Крестьянин оглянулся и подмигнул многозначительно, будто намеком:
— Сами знаете! — И огрел кнутом лошаденку так озорно и круто, что она сразу рванула диким и корявым галопом. — Но, ты… покорная!..
Глава XXIII
«РАДУШИЕ»
Крестьянин ссадил Баумана у околицы: докторский дом с больницею рядом — на отлете, чуть в стороне от села.
Дом — бревенчатый, с крутой крышей — по самые окна осел в сугробы. Снегом заметена открытая, за резными жиденькими столбиками, терраса; завален снегом по самые острия частокола палисадник у дома; ни дорожек в нем, ни следов, ни снежной веселой бабы с толстым носом, с черной метлой под ледяным, водой окаченным, застуженным локтем. Значит, детей в этом доме нет. Грач поморщился: дом, в котором нет детей, — дом недобрый.
Он зашел со двора. Из конуры высунула лениво лохматую морду собака, приоткрыла пасть, собираясь залаять, да так и не залаяла.
Поднялся на крыльцо, постучал железным кольцом по обитой войлоком двери. Нет, не гулко выходит. Он ударил всем кулаком, весело и крепко.
И тотчас почти отозвался бабий сварливый голос:
— Кто там? Чего ломишься?..
Бауман отозвался:
— К Петру Андреевичу.
Но дверь не шелохнулась.
— Кто, я говорю?
— Приезжий. Товарищ Петру Андреевичу. — И так как опять не двинулась опасливая, недоверчивая, глухая эта дверь, он добавил почти что угрожающим тоном: — Из Санкт-Петербурга, из столицы самой.
Щелкнул крюк. Иззябшей рукой Бауман дернул к себе дверь. В лицо пахнуло жаром натопленной кухни. Навстречу глянуло жиром налитое, круглое, как блин, глупое бабье лицо.
— Что вы людей морозите? Не достучишься!
Он шагнул за порог, торопясь к теплу, к плите, уже видной в раскрытую из сеней в кухню дверь; над плитой вился пар от расставленных — тесно, одна к одной — больших, малых, но равно начищенных ярких медных кастрюлек. Запахло чем-то заманчиво вкусным.
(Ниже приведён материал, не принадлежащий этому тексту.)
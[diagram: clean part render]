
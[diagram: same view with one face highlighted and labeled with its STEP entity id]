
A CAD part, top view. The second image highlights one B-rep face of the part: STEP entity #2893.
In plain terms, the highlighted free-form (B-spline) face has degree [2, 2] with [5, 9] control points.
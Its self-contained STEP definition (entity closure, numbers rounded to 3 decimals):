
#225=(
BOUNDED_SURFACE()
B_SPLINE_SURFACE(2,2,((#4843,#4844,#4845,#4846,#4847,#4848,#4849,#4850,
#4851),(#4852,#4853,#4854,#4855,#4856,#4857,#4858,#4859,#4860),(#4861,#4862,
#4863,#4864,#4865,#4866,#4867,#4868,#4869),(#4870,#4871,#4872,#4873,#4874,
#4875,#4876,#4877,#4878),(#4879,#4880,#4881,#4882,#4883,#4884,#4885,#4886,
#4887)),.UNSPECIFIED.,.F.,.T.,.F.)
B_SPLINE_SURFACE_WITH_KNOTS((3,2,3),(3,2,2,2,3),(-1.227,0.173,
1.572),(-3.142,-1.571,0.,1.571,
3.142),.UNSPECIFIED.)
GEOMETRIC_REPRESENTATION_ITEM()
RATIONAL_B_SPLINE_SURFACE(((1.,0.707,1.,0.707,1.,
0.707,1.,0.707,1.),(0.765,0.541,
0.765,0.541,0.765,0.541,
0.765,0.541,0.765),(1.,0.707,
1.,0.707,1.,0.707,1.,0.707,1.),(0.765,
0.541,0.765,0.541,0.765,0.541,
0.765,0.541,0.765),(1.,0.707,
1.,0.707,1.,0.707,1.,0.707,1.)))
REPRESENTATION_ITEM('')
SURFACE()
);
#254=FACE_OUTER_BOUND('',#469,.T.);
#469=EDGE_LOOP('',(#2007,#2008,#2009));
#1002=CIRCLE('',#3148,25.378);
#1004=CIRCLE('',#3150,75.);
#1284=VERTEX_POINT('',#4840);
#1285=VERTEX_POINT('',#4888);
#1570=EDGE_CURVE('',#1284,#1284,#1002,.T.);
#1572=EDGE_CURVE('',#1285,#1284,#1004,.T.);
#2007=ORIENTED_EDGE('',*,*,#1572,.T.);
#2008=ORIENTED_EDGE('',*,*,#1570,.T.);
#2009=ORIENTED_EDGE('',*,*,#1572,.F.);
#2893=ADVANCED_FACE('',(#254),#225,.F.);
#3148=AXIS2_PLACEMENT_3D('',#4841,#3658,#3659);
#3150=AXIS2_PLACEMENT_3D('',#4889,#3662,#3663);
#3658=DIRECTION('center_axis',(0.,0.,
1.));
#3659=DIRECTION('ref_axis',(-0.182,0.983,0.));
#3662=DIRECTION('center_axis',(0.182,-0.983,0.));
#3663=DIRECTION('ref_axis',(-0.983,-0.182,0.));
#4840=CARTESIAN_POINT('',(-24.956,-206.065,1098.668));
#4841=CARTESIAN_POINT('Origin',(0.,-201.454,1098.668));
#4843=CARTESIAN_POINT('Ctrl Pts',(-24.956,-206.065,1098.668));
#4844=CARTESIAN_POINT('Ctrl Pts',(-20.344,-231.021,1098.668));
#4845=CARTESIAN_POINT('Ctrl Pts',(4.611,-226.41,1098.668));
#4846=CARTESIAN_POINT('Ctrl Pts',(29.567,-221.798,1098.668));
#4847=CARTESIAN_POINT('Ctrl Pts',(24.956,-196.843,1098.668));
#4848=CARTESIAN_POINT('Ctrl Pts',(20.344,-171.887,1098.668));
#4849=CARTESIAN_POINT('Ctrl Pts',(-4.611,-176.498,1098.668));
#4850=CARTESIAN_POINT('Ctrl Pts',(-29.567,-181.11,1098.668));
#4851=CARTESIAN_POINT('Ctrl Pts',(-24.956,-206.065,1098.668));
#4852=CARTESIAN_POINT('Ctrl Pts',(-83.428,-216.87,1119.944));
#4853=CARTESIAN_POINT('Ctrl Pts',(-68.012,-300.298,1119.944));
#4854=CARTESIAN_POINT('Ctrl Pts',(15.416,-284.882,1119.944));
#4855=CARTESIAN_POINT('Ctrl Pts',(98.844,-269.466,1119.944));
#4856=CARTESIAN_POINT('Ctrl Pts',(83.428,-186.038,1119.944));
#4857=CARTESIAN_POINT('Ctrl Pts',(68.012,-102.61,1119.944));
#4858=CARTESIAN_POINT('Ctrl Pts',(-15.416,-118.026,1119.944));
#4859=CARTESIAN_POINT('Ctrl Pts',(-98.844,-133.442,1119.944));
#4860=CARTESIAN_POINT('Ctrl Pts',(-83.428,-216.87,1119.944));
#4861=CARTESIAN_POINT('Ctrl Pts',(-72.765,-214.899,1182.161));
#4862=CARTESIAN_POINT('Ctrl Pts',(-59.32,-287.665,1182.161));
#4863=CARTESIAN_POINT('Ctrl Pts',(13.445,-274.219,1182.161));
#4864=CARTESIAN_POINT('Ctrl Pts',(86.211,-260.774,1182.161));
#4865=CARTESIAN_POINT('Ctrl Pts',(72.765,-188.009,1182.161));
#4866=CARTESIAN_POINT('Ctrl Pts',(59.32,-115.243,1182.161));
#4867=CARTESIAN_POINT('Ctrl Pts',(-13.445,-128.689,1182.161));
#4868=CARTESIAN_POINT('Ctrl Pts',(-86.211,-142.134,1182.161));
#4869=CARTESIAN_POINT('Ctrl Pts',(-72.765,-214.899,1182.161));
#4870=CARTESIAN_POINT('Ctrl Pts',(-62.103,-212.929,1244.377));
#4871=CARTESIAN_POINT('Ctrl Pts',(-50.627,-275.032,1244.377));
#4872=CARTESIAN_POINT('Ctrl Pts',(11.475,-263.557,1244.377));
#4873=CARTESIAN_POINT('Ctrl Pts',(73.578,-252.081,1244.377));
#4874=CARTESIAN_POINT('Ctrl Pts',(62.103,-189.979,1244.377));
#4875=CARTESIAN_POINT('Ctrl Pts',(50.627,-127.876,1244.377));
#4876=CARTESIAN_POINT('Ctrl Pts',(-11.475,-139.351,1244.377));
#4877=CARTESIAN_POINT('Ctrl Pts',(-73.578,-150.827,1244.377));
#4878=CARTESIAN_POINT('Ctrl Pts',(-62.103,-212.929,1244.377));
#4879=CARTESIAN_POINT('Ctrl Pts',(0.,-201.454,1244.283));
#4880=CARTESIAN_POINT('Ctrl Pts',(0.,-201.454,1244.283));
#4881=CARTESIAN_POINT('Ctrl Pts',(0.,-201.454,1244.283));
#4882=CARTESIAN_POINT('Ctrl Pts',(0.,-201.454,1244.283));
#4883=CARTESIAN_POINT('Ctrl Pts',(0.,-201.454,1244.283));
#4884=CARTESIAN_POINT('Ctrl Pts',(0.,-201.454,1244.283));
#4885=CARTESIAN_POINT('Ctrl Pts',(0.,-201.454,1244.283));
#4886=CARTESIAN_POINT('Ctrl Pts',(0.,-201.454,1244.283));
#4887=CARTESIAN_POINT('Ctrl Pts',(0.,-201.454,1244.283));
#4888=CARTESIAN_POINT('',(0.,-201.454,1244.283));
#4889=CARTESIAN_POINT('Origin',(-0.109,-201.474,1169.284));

Баба, на шаг перед ним, тяжело качаясь, приоткрыла дверь из кухни налево и просунула в щель повязанную платком голову:
— К вам.
Сказала она шепотом. Точно Бауман, стоявший тут же за ней, мог не услышать.
Голос, шепелявый, отозвался тоже шепотом, тихим и злым (но Бауману все, конечно, было слышно, до последнего слова):
— Сказано было — никого не пускать.
Баба оглянулась и почесала поясницу:
— Они говорят — товарищ вам.
— Товарищ?..
В голосе было изумление.
Бауман отодвинул бабу за плечо и шагнул через порог.